Gilbert approaches Liège-Bastogne-Liège with confidence

Relaxed and calm appeared to be the mood at Philippe Gilbert’s press conference ahead of Sunday’s 100th edition of Liège-Bastogne-Liège. Having won Amstel Gold Race last weekend the 31-year-old heads into the Monument with confidence.

“We were happy to win as a team in Amstel and that takes a lot of pressure off me and the team,” said Gilbert, who won Liège-Bastogne-Liège in 2011.

“We can approach Liège a little differently. I showed some limits in Flèche [Wallonne] but it’s not so bad. I’m not the only favourite for Liège but that might be a good position for us. It means we can gamble a little bit more and it puts pressure on other teams and other favourites.”

There’s a clear distinction between being relaxed and confident and being cocky, and Gilbert is certainly in the former camp. He’s remained focused since Amstel and although the triple has eluded him he is aware that a win in Liège would turn his season from the successful into the spectacular. Nothing will perhaps eclipse that run of form he had in 2011 where almost anything seemed possible but Liège remains a cut above Amstel.

Win there, in the 100th edition of the race, with the King of Belgium present and you will be immortalised forever by the cycling fans of Belgium. Relaxed or not, come Sunday morning when race numbers are pinned on and the teams are called to the signing on podium, Gilbert will feel the buzz of the crowd and the sense of occasion.

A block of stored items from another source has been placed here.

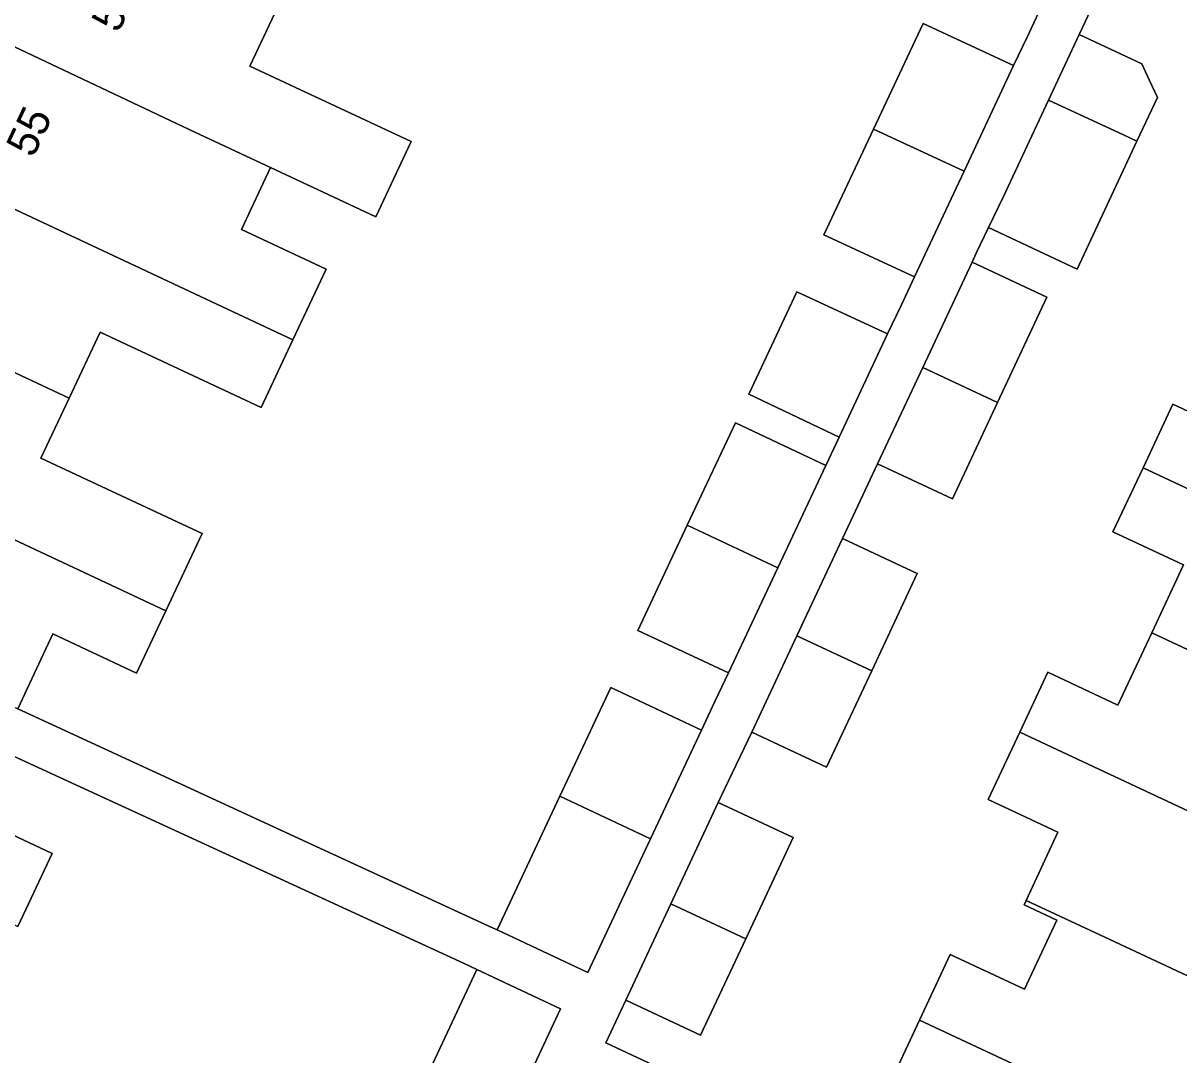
# Model space of a CAD drawing. Extents: x 159817 to 160765, y 380688 to 381638.
# Drawn here: x 160172.67 to 160209.67, y 381387.82 to 381420.86 of the extents above; entities that cross this region are included whole.
import ezdxf

# ---------------------------------------------------------------- set-up
doc = ezdxf.new("R2010")
doc.units = 0
for name, color, linetype in [('IMGEO_Erf', 7, 'Continuous'), ('IMGEO_Pand', 7, 'Continuous'), ('IMGEO_Pand_nummerreeks', 7, 'Continuous'), ('IMGEO_Voetpad_halfverhard', 7, 'Continuous')]:
    doc.layers.add(name, color=color, linetype=linetype)

msp = doc.modelspace()

# ---------------------------------------------------------------- linework, layer by layer
at = {"layer": 'IMGEO_Erf'}
for points in [[(160207.212, 381422.064), (160206.477, 381420.493), (160208.487, 381419.558), (160208.723, 381419.049), (160208.986, 381418.48), (160208.329, 381417.077), (160206.415, 381412.986), (160203.577, 381414.314), (160203.188, 381413.498), (160203.05, 381413.202), (160205.446, 381412.081), (160203.87, 381408.711), (160202.425, 381405.623), (160200.029, 381406.744), (160199.156, 381404.905), (160198.899, 381404.355), (160201.296, 381403.235), (160199.838, 381400.119), (160198.393, 381397.03), (160195.997, 381398.151), (160195.125, 381396.328), (160194.927, 381395.905), (160197.323, 381394.784), (160195.805, 381391.539), (160194.362, 381388.453), (160191.965, 381389.574), (160191.323, 381388.201), (160201.582, 381383.397)], [(160180.728, 381421.182), (160179.932, 381419.485), (160185.093, 381417.065), (160183.961, 381414.653), (160180.593, 381416.233), (160179.661, 381414.248), (160182.373, 381412.976), (160181.311, 381410.713), (160180.295, 381408.546), (160175.138, 381410.964), (160174.146, 381408.849), (160173.247, 381406.931), (160178.406, 381404.511), (160177.244, 381402.034), (160176.309, 381400.04), (160173.627, 381401.298), (160172.502, 381398.901), (160187.702, 381391.888), (160187.848, 381391.819), (160189.859, 381396.102), (160191.493, 381399.581), (160194.393, 381398.22), (160194.821, 381399.132), (160195.252, 381400.05), (160192.352, 381401.411), (160193.933, 381404.779), (160195.476, 381408.063), (160198.371, 381406.694), (160198.799, 381407.605), (160195.904, 381408.974), (160197.446, 381412.259), (160200.348, 381410.906), (160200.778, 381411.822), (160201.206, 381412.733), (160198.304, 381414.086), (160199.893, 381417.469), (160201.481, 381420.852), (160204.383, 381419.5), (160204.811, 381420.411), (160205.24, 381421.324)], [(160200.395, 381386.853), (160201.367, 381388.93), (160202.353, 381391.037), (160204.734, 381389.923), (160205.769, 381392.135), (160204.717, 381392.628), (160204.781, 381392.764), (160205.802, 381394.947), (160203.569, 381395.993), (160204.579, 381398.151), (160205.477, 381400.071), (160207.722, 381399.021), (160208.804, 381401.334), (160209.822, 381403.508), (160207.562, 381404.566), (160208.525, 381406.624), (160209.479, 381408.662), (160211.787, 381407.583)], [(160185.072, 381386.012), (160187.195, 381390.554), (160186.771, 381390.752), (160169.408, 381398.739)], [(160168.448, 381396.692), (160173.607, 381394.272), (160172.508, 381391.928)]]:
    msp.add_lwpolyline(points, dxfattribs=at)
at = {"layer": 'IMGEO_Pand'}
for points in [[(160179.932, 381419.485), (160180.728, 381421.182), (160173.906, 381424.363), (160172.106, 381420.527), (160171.993, 381420.29), (160178.167, 381417.371), (160180.593, 381416.233), (160183.961, 381414.653), (160185.093, 381417.065)], [(160180.593, 381416.233), (160178.167, 381417.371), (160171.993, 381420.29), (160172.106, 381420.527), (160171.409, 381420.854), (160169.297, 381416.351), (160181.311, 381410.713), (160182.373, 381412.976), (160179.661, 381414.248)], [(160204.383, 381419.5), (160201.481, 381420.852), (160199.893, 381417.469), (160202.794, 381416.115)], [(160206.477, 381420.493), (160205.496, 381418.395), (160207.895, 381417.279), (160208.329, 381417.077), (160208.986, 381418.48), (160208.723, 381419.049), (160208.487, 381419.558)], [(160208.329, 381417.077), (160207.895, 381417.279), (160205.496, 381418.395), (160204.053, 381415.31), (160203.577, 381414.314), (160206.415, 381412.986)], [(160202.794, 381416.115), (160199.893, 381417.469), (160198.304, 381414.086), (160201.206, 381412.733)], [(160169.297, 381416.351), (160167.289, 381412.068), (160174.146, 381408.849), (160175.138, 381410.964), (160180.295, 381408.546), (160181.311, 381410.713)], [(160205.446, 381412.081), (160203.05, 381413.202), (160201.472, 381409.829), (160203.87, 381408.711)], [(160200.348, 381410.906), (160197.446, 381412.259), (160195.904, 381408.974), (160198.799, 381407.605)], [(160177.244, 381402.034), (160178.406, 381404.511), (160173.247, 381406.931), (160174.146, 381408.849), (160167.289, 381412.068), (160165.228, 381407.674)], [(160201.472, 381409.829), (160200.029, 381406.744), (160202.425, 381405.623), (160203.87, 381408.711)], [(160212.813, 381409.776), (160211.787, 381407.583), (160209.479, 381408.662), (160208.525, 381406.624), (160220.343, 381401.093), (160222.323, 381405.325), (160215.295, 381408.614)], [(160198.371, 381406.694), (160195.476, 381408.063), (160193.933, 381404.779), (160196.833, 381403.418)], [(160177.244, 381402.034), (160165.228, 381407.674), (160163.167, 381403.278), (160167.694, 381401.155), (160170.054, 381400.048), (160172.502, 381398.901), (160173.627, 381401.298), (160176.309, 381400.04)], [(160218.363, 381396.861), (160220.343, 381401.093), (160208.525, 381406.624), (160207.562, 381404.566), (160209.822, 381403.508), (160208.804, 381401.334), (160211.266, 381400.182)], [(160196.833, 381403.418), (160193.933, 381404.779), (160192.352, 381401.411), (160195.252, 381400.05)], [(160201.296, 381403.235), (160198.899, 381404.355), (160197.44, 381401.237), (160199.838, 381400.119)], [(160160.512, 381397.576), (160172.508, 381391.928), (160173.607, 381394.272), (160168.448, 381396.692), (160169.408, 381398.739), (160167.09, 381399.826), (160162.562, 381401.949)], [(160199.838, 381400.119), (160197.44, 381401.237), (160195.997, 381398.151), (160198.393, 381397.03)], [(160218.363, 381396.861), (160211.266, 381400.182), (160208.804, 381401.334), (160207.722, 381399.021), (160205.477, 381400.071), (160204.579, 381398.151), (160216.382, 381392.628)], [(160194.393, 381398.22), (160191.493, 381399.581), (160189.859, 381396.102), (160192.759, 381394.741)], [(160204.579, 381398.151), (160203.569, 381395.993), (160205.802, 381394.947), (160204.781, 381392.764), (160207.304, 381391.584), (160214.351, 381388.288), (160216.382, 381392.628)], [(160192.759, 381394.741), (160189.859, 381396.102), (160187.848, 381391.819), (160190.748, 381390.458), (160191.754, 381392.6)], [(160197.323, 381394.784), (160194.927, 381395.905), (160193.408, 381392.659), (160195.805, 381391.539)], [(160191.965, 381389.574), (160194.362, 381388.453), (160195.805, 381391.539), (160193.408, 381392.659), (160193.088, 381391.975)], [(160213.096, 381383.444), (160215.179, 381387.898), (160214.351, 381388.288), (160207.304, 381391.584), (160204.781, 381392.764), (160204.717, 381392.628), (160205.769, 381392.135), (160204.734, 381389.923), (160202.353, 381391.037), (160201.367, 381388.93)], [(160189.88, 381389.298), (160187.195, 381390.554), (160185.072, 381386.012), (160187.754, 381384.75)], [(160213.096, 381383.444), (160201.367, 381388.93), (160200.395, 381386.853), (160202.696, 381385.776), (160201.582, 381383.397), (160204.259, 381382.144), (160206.483, 381381.104), (160211.011, 381378.985)]]:
    msp.add_lwpolyline(points, close=True, dxfattribs=at)
at = {"layer": 'IMGEO_Voetpad_halfverhard'}
for points in [[(160201.582, 381383.397), (160191.323, 381388.201), (160191.965, 381389.574), (160193.088, 381391.975), (160193.408, 381392.659), (160194.927, 381395.905), (160195.125, 381396.328), (160195.997, 381398.151), (160197.44, 381401.237), (160198.899, 381404.355), (160199.156, 381404.905), (160200.029, 381406.744), (160201.472, 381409.829), (160203.05, 381413.202), (160203.188, 381413.498), (160203.577, 381414.314), (160204.053, 381415.31), (160205.496, 381418.395), (160206.477, 381420.493), (160207.212, 381422.064)], [(160205.24, 381421.324), (160204.811, 381420.411), (160204.383, 381419.5), (160202.794, 381416.115), (160201.206, 381412.733), (160200.778, 381411.822), (160200.348, 381410.906), (160198.799, 381407.605), (160198.371, 381406.694), (160196.833, 381403.418), (160195.252, 381400.05), (160194.821, 381399.132), (160194.393, 381398.22), (160192.759, 381394.741), (160191.754, 381392.6), (160190.748, 381390.458), (160187.848, 381391.819), (160187.702, 381391.888), (160172.502, 381398.901)], [(160169.408, 381398.739), (160186.771, 381390.752), (160187.195, 381390.554), (160189.88, 381389.298), (160187.754, 381384.75), (160187.457, 381384.115), (160186.216, 381381.46), (160185.79, 381380.55), (160185.365, 381379.64), (160183.765, 381376.218), (160182.235, 381372.943), (160181.8, 381372.013), (160181.373, 381371.1), (160179.755, 381367.64), (160178.224, 381364.363), (160177.754, 381363.358), (160177.357, 381362.509), (160175.752, 381359.075), (160174.197, 381355.748), (160173.75, 381354.793), (160173.321, 381353.876), (160171.748, 381350.511)]]:
    msp.add_lwpolyline(points, dxfattribs=at)

# ---------------------------------------------------------------- texts
at = {"layer": 'IMGEO_Pand_nummerreeks'}
for s, p in [('53', (160175.724, 381420.515)), ('55', (160172.997, 381416.517))]:
    msp.add_text(s, height=1, rotation=64.876, dxfattribs=at).set_placement(p)

doc.saveas('drawing.dxf')

“It’s always stress but it’s more motivation than stress. I’m still taking care of all the details like making sure that I’m not getting sick, eating the right food and being careful in training. But I know that I’ve been training well over the last month and I’ve been racing well in the last few weeks. When you have the feeling that you’ve done everything you can then why would you be stressed? You can just be confident.”

What helps alleviate some of the expectation is that Gilbert doesn’t start Liège as the outright favourite. The Belgian press haven’t become carried away after his Amstel form, aware that he’s not head and shoulders ahead of the opposition as he was in 2011.

“What I saw in Amstel was that everyone is on a similar level. Of course I won but I didn’t win by a minute and in Flèche we saw the top ten were close. There are a lot of guys on the same level and we all want to win. It’s always hard to fight in the final with the best riders in the world but that’s what makes this challenge so nice.”

“Liège is a monument,” he added, nodding that he is well aware of how important winning remains.

“It’s one of the five races you have in the season. It’s bigger than Amstel. I was happy to win that for a third time but I’ll give everything I can to win on Sunday.”


Gilbert could have picked anyone when he chose who he believed was his biggest rival for the race. Understandably he plumped for Valverde, a rider he dropped in Amstel but struggled to match in Flèche. The Spaniard has won Liège twice and has been in strong form since the start of the year.

“Valverde has won eight races this year and he’s won here twice before. He’s always top five or top ten so for me, that’s the guy to watch, but I don’t want to stop with one win here. Every monument I try for the win.”